WHAT YOU SHOULD DO:
Which lines of the data contain the string "Origine"? Copy every one.

Stored entries:
------------------------------------

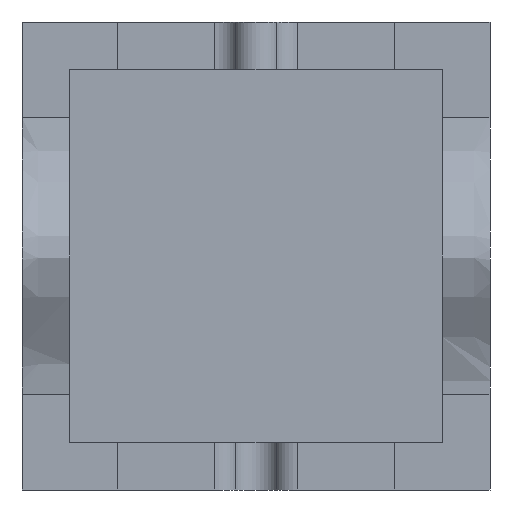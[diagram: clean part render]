
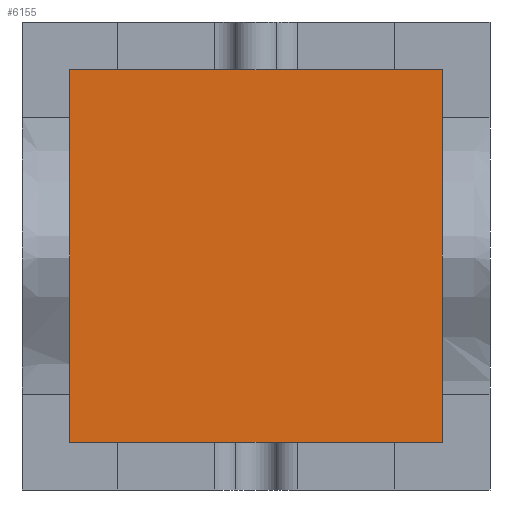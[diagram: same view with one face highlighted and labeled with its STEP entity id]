
A CAD part, front view. The second image highlights one B-rep face of the part: STEP entity #6155.
In plain terms, the highlighted planar face has unit normal (0, -1, 0).
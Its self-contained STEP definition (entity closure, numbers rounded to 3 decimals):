
#6029=CARTESIAN_POINT('Vertex',(-20.,-30.,-20.)) ;
#6034=CARTESIAN_POINT('Line Origine',(-20.,-30.,58.)) ;
#6038=CARTESIAN_POINT('Vertex',(-20.,-30.,136.)) ;
#6065=CARTESIAN_POINT('Line Origine',(58.,-30.,136.)) ;
#6069=CARTESIAN_POINT('Vertex',(136.,-30.,136.)) ;
#6096=CARTESIAN_POINT('Line Origine',(136.,-30.,58.)) ;
#6100=CARTESIAN_POINT('Vertex',(136.,-30.,-20.)) ;
#6127=CARTESIAN_POINT('Line Origine',(58.,-30.,-20.)) ;
#6144=CARTESIAN_POINT('Axis2P3D Location',(0.,-30.,0.)) ;
#6035=DIRECTION('Vector Direction',(0.,0.,-1.)) ;
#6066=DIRECTION('Vector Direction',(1.,0.,0.)) ;
#6097=DIRECTION('Vector Direction',(0.,0.,1.)) ;
#6128=DIRECTION('Vector Direction',(-1.,0.,0.)) ;
#6145=DIRECTION('Axis2P3D Direction',(0.,1.,0.)) ;
#6146=DIRECTION('Axis2P3D XDirection',(-1.,0.,0.)) ;
#6147=AXIS2_PLACEMENT_3D('Plane Axis2P3D',#6144,#6145,#6146) ;
#6150=ORIENTED_EDGE('',*,*,#6131,.F.) ;
#6151=ORIENTED_EDGE('',*,*,#6102,.F.) ;
#6152=ORIENTED_EDGE('',*,*,#6071,.F.) ;
#6153=ORIENTED_EDGE('',*,*,#6040,.F.) ;
#6036=VECTOR('Line Direction',#6035,1.) ;
#6067=VECTOR('Line Direction',#6066,1.) ;
#6098=VECTOR('Line Direction',#6097,1.) ;
#6129=VECTOR('Line Direction',#6128,1.) ;
#6155=ADVANCED_FACE('Cavity-molde',(#6154),#6148,.F.) ;
#6040=EDGE_CURVE('',#6030,#6039,#6037,.F.) ;
#6071=EDGE_CURVE('',#6039,#6070,#6068,.T.) ;
#6102=EDGE_CURVE('',#6070,#6101,#6099,.F.) ;
#6131=EDGE_CURVE('',#6101,#6030,#6130,.T.) ;
#6149=EDGE_LOOP('',(#6150,#6151,#6152,#6153)) ;
#6154=FACE_OUTER_BOUND('',#6149,.T.) ;
#6037=LINE('Line',#6034,#6036) ;
#6068=LINE('Line',#6065,#6067) ;
#6099=LINE('Line',#6096,#6098) ;
#6130=LINE('Line',#6127,#6129) ;
#6148=PLANE('',#6147) ;
#6030=VERTEX_POINT('',#6029) ;
#6039=VERTEX_POINT('',#6038) ;
#6070=VERTEX_POINT('',#6069) ;
#6101=VERTEX_POINT('',#6100) ;

------------------------------------

EXERCISE ANSWER:
#6034=CARTESIAN_POINT('Line Origine',(-20.,-30.,58.)) ;
#6065=CARTESIAN_POINT('Line Origine',(58.,-30.,136.)) ;
#6096=CARTESIAN_POINT('Line Origine',(136.,-30.,58.)) ;
#6127=CARTESIAN_POINT('Line Origine',(58.,-30.,-20.)) ;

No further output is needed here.